Claus, Always liked the blue one better but with the right rims & slight lowering both look nicely finished! Great Job. ...RL


----------



## Hilltop Raceway (Feb 12, 2006)

Ya gotta like Camaros!!! Those look much better!!! :thumbsup::thumbsup: RM


----------



## roadrner (Jul 21, 1999)

:thumbsup::thumbsup::thumbsup: rr


----------



## resinmonger (Mar 5, 2008)

Once again, German Engineering lifts the plain into the realms of very cool! Thanks for sharing , Claus. Now you can take them out to the Autobahn:

Wir fahr'n fahr'n fahr'n auf der Autobahn!

Russ the Hutt is down with Kraftwerk!


----------



## ebi (Jan 24, 2007)

clausheupel said:


> I just didn´t want to hide what I did to my AW Camaros


Hi Claus,

i hope it's ok to show my modification here. :wave:
This one was inspired by an old H0 slotcar magazine.

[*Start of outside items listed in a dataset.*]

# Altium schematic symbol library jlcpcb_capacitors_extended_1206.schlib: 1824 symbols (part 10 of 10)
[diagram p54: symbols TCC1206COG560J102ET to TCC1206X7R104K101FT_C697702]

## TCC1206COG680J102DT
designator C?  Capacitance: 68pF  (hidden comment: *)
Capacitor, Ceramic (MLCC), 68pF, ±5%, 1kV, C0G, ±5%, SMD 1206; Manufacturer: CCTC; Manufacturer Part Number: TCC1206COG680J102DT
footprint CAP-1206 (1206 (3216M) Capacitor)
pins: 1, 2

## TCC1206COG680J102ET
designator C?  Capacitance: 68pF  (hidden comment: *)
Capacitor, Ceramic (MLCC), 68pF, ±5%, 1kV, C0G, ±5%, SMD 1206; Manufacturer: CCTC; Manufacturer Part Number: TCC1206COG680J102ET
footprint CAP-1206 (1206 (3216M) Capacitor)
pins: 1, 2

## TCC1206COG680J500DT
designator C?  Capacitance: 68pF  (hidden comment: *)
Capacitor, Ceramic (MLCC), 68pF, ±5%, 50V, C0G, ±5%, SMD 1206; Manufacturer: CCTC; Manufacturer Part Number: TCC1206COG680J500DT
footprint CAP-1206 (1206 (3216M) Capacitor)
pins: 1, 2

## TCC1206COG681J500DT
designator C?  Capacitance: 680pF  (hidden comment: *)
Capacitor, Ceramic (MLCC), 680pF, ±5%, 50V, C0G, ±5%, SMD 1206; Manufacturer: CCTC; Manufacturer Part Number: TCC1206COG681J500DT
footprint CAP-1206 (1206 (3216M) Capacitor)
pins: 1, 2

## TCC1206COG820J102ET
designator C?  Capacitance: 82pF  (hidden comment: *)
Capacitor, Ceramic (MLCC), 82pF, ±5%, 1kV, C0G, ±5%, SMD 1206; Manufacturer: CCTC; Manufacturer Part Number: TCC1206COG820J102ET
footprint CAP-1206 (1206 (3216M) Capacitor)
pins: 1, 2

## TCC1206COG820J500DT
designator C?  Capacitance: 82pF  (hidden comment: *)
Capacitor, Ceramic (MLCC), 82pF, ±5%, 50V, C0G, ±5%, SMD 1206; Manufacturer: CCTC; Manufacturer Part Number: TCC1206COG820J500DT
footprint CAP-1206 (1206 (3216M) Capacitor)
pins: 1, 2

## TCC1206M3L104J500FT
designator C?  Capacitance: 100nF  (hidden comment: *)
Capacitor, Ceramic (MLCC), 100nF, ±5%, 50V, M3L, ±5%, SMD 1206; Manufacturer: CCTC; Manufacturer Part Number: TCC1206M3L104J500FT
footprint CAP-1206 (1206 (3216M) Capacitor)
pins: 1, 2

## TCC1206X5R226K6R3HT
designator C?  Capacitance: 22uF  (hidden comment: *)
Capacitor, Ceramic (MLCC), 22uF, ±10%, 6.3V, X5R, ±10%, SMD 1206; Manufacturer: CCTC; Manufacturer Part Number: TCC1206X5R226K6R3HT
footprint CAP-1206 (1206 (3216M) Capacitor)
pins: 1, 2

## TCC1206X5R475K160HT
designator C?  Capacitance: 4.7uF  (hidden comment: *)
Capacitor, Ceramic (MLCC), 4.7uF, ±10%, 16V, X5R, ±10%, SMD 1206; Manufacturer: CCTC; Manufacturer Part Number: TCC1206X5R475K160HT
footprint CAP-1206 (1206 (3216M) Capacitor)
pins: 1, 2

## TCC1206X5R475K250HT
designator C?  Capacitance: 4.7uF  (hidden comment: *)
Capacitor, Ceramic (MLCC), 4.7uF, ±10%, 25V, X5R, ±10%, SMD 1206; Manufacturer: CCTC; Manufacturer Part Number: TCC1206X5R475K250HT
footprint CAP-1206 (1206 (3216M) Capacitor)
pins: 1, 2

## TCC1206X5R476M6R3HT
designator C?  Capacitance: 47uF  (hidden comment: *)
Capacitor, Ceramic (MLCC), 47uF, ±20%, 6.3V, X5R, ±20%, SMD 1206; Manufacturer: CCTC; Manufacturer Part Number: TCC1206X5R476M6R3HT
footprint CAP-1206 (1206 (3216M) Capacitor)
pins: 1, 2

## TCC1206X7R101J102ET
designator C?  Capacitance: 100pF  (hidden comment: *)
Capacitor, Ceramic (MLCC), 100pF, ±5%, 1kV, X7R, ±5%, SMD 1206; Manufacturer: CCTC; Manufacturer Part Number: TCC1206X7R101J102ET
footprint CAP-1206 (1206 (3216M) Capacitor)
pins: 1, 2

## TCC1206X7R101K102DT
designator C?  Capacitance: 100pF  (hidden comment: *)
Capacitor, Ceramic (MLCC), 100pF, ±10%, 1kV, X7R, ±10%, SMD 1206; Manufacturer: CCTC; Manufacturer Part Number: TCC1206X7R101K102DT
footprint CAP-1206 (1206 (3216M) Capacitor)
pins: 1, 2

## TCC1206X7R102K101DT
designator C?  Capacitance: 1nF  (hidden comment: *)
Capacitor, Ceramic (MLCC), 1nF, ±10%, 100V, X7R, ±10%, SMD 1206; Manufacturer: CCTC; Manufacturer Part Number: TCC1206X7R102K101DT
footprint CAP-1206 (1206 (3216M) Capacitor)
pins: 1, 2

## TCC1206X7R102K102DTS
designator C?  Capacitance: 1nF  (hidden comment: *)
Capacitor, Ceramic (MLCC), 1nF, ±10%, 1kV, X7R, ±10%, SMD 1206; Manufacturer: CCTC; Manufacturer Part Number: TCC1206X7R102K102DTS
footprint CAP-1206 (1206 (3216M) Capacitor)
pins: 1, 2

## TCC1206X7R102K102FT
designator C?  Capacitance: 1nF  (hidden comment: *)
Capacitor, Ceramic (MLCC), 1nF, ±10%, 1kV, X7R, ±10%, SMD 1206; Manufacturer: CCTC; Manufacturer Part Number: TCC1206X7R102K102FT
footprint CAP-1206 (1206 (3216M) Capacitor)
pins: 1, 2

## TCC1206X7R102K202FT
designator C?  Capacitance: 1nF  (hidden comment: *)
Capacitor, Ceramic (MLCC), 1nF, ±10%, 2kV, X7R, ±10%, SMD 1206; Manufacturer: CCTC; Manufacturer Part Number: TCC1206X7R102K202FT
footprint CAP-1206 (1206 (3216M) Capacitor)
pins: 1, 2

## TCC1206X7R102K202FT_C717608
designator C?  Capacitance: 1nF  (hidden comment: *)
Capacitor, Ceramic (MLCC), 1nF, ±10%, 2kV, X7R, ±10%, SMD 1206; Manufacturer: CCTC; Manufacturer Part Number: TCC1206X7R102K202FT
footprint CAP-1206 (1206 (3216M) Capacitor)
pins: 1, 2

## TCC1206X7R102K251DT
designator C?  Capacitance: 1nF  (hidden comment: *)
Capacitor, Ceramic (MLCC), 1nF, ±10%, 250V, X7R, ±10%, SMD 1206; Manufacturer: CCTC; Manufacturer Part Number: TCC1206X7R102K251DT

With a look at your pics i can see that my wheels don't fit.

Greetz to the south, Ebi


----------



## 1scalevolvo (Feb 5, 2004)

:thumbsup::thumbsup:




:dude:


----------



## win43 (Aug 28, 2006)

Claus,
Pattos http://members.optusnet.com.au/pattosplace/home.html has the decals you are looking for. Look under the letter C and then scroll down to 
Cmaro - Sunco - 1967 & 1968 Trans Am . Hope this helps.


----------



## Bill Hall (Jan 6, 2007)

*Yeah...good point*

Great job Claus!

Yer 'Maro pair looks very aggressive now that they are properly hunkered down. Nice to see you back in the saddle and knocking out some cars. We always enjoy your show from the other side of the pond. 

I always thought it was "dee yoo emm" DUMB to write what something is right on it. Especially the obvious. IE: Rock, hammer, brick, ....except perhaps in the case of the word "idiot"...so's at a minimum we can at least identify them keep them at arms length. 

I mean really and good god....I'd have to ask who the rocket scientist is at AW who decided that slappin' a big ole "T-jet Camaro" logo on the side of that otherwise beautifully styled 'Maro was a good plan...and as if that werent enough; they determined that it would be rather stylish to contour it along the fender arch like a first graders tempra painted art project. Truly the only thing I would add would be to reverse the letter "R" in order to properly authenticate it.

All in all a simple fix for a master such as yourself. 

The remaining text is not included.